I can relate to the whole "Oh, we'll live in this torn-down neighborhood now but it'll be so much nice in a few years" syndrome. New York is constantly undergoing that kind of social-demographic revolution. Greenwich becomes the new Soho, which becomes the new Tribeca, and they keep coming up with names that squish together several neighborhood titles, as if we're all too lazy to actually say the whole words. And then there's rent control on places where you need bulletproof windows and grandmothers won't move out of their 300$ apartments where thy've lived for 60 years while everyone else is paying at least 1500$ a month.
Yeah. I do miss Colorado housing.
Having been to New York, though only as a tourist, I have the suspicion that their architecture isn't quite as horrible as post-Blitz London architecture. After the bombs took bites out of every street in the East End, houses got put up any old how; doesn't matter how it looks as long as it keeps the rain out ... and now they'll be there for centuries.

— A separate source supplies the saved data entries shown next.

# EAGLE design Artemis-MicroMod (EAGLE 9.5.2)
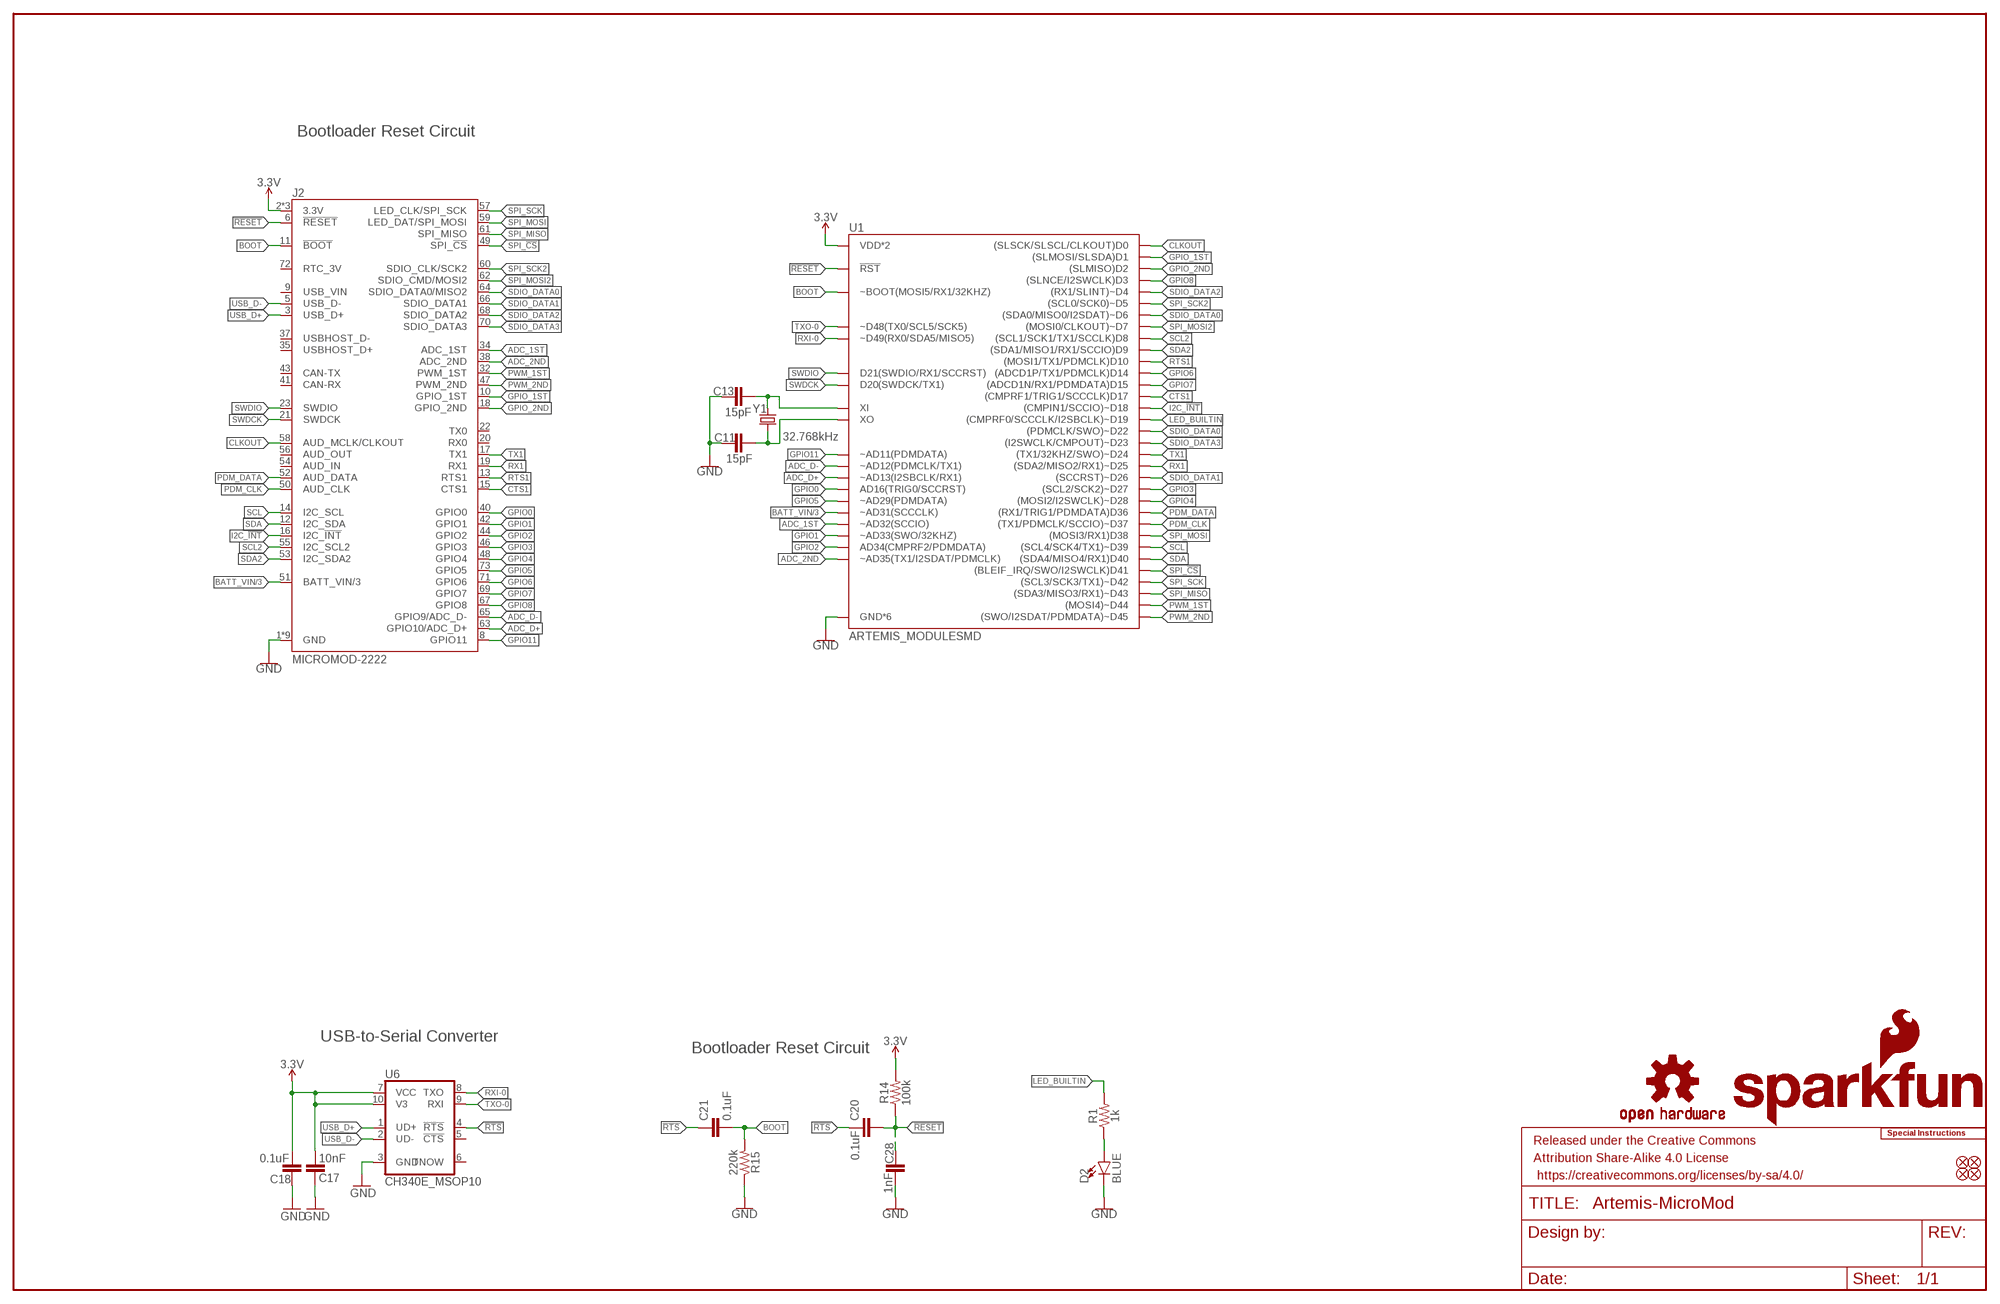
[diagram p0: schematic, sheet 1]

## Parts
C11  15pF  15PF-0603-50V-5%  [0603]
C13  15pF  15PF-0603-50V-5%  [0603]
C17  10nF  10NF-0603-50V-10%  [0603]
C18  0.1uF  0.1UF-0603-25V-(+80/-20%)  [0603]
C20  0.1uF  0.1UF-0603-25V-5%  [0603]
C21  0.1uF  0.1UF-0603-25V-5%  [0603]
C28  1nF  1.0NF/1000PF-0603-50V-10%  [0603]
D2  BLUE  LED-BLUE0603  [LED-0603]
FD1  FIDUCIALUFIDUCIAL  [FIDUCIAL-MICRO]
FD2  FIDUCIALUFIDUCIAL  [FIDUCIAL-MICRO]
FD3  FIDUCIALUFIDUCIAL  [FIDUCIAL-MICRO]
FD4  FIDUCIALUFIDUCIAL  [FIDUCIAL-MICRO]
FRAME1  FRAME-LEDGER  [CREATIVE_COMMONS]
J2  MICROMOD-2222  [M.2-CARD-E-22]
LOGO1  SFE_LOGO_NAME_FLAME.1_INCH  [SFE_LOGO_NAME_FLAME_.1]
LOGO2  SFE_LOGO_FLAME.1_INCH  [SFE_LOGO_FLAME_.1]
LOGO3  OSHW-LOGOMINI  [OSHW-LOGO-MINI]
LOGO4  SPECIAL_INSTRUCTIONS-ORDERING  [ORDERING_INSTRUCTIONS]
R1  1k  1KOHM-0603-1/10W-1%  [0603]
R14  100k  100KOHM-0603-1/10W-1%  [0603]
R15  220k  220KOHM-0603-1/10W-1%  [0603]
U1  ARTEMIS_MODULESMD  [ARTEMIS_FP]
U6  CH340E_MSOP10  [MSOP10]
Y1  32.768kHz  CRYSTAL-32.768KHZSMD-3.2X1.5  [CRYSTAL-SMD-3.2X1.5MM]

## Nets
3.3V: C17.1 C18.1 J2.2(3.3V) J2.4(3.3V) J2.74(3.3V) R14.2 U1.VDD@36(VDD*2) U1.VDD@37(VDD*2) U6.7(VCC) U6.10(V3)
!RESET!: C20.2 C28.1 J2.6(!RESET!) R14.1 U1.~RST(!RST)
!RTS: C20.1 C21.1 U6.4(!RTS)
ADC_1ST: J2.34(ADC_1ST) U1.~AD32(~AD32(SCCIO))
ADC_2ND: J2.38(ADC_2ND) U1.~AD35(~AD35(TX1/I2SDAT/PDMCLK))
ADC_D+: J2.63(GPIO10/ADC_D+) U1.~AD13(~AD13(I2SBCLK/RX1))
ADC_D-: J2.65(GPIO9/ADC_D-) U1.~AD12(~AD12(PDMCLK/TX1))
BATT_VIN/3: J2.51(BATT_VIN/3) U1.~AD31(~AD31(SCCCLK))
BOOT: C21.2 J2.11(!BOOT!) R15.2 U1.BOOT(~BOOT(MOSI5/RX1/32KHZ))
CLKOUT: J2.58(AUD_MCLK/CLKOUT) U1.D0((SLSCK/SLSCL/CLKOUT)D0)
CTS1: J2.15(CTS1) U1.D17((CMPRF1/TRIG1/SCCCLK)D17)
GND: C11.1 C13.1 C17.2 C18.2 C28.2 D2.C J2.1(GND) J2.7(GND) J2.33(GND) J2.36(GND) J2.39(GND) J2.45(GND) J2.75(GND) J2.GND J2.GND-SM-B(GND) R15.1 U1.GND@1(GND*6) U1.GND@22(GND*6) U1.GND@38(GND*6) U1.GND@39(GND*6) U1.GND@47(GND*6) U1.GND@59(GND*6) U6.3(GND)
GPIO0: J2.40(GPIO0) U1.AD16(AD16(TRIG0/SCCRST))
GPIO1: J2.42(GPIO1) U1.~AD33/SWO(~AD33(SWO/32KHZ))
GPIO2: J2.44(GPIO2) U1.AD34(AD34(CMPRF2/PDMDATA))
GPIO3: J2.46(GPIO3) U1.~D27((SCL2/SCK2)~D27)
GPIO4: J2.48(GPIO4) U1.~D28((MOSI2/I2SWCLK)~D28)
GPIO5: J2.73(GPIO5) U1.~AD29(~AD29(PDMDATA))
GPIO6: J2.71(GPIO6) U1.D14((ADCD1P/TX1/PDMCLK)D14)
GPIO7: J2.69(GPIO7) U1.D15((ADCD1N/RX1/PDMDATA)D15)
GPIO8: J2.67(GPIO8) U1.D3((SLNCE/I2SWCLK)D3)
GPIO11: J2.8(GPIO11) U1.~AD11(~AD11(PDMDATA))
GPIO_1ST: J2.10(GPIO_1ST) U1.D1((SLMOSI/SLSDA)D1)
GPIO_2ND: J2.18(GPIO_2ND) U1.D2((SLMISO)D2)
I2C_!INT!: J2.16(I2C_!INT!) U1.~D18((CMPIN1/SCCIO)~D18)
LED_BUILTIN: R1.2 U1.~D19((CMPRF0/SCCCLK/I2SBCLK)~D19)
N$2: D2.A R1.1
N$7: C11.2 U1.XO Y1.P$2
N$8: C13.2 U1.XI Y1.P$1
PDM_CLK: J2.50(AUD_CLK) U1.~D37((TX1/PDMCLK/SCCIO)~D37)
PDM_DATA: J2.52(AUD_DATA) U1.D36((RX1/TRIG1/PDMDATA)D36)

I get the impression New York buildings weren't designed with that kidn of reckless short-sightedness. But am I wrong?
The biggest issue in NYC is space. While stuff may be all structurally sound, everything is pared down to get the most living area out of the least square footage. The apartments all kind of interweave and interlock railroad style, often without making much sense for any kind of liveable conditions. Rent tends to shift according to neighborhood, where Park Slope brownstones are $3k+ a month, whereas you can sleep in the living room of a Williamsburg loft for 700$ if you're on a budget. The city is already so bursting at the seems that people are just overflowing into Brooklyn, Queens, and braving longer commutes...and I think the building within Manhattan itself is for expansion's sake right now, with little thought as to what we might want to use that space for in the future. We can only build towers so tall before the topple.
Once I gave the Mayor of New York a quote to pebble-dash the Empire State Building, but I blew him out because he wouldn't agree to mask up the windows... Oh no, that was a dream. Sorry.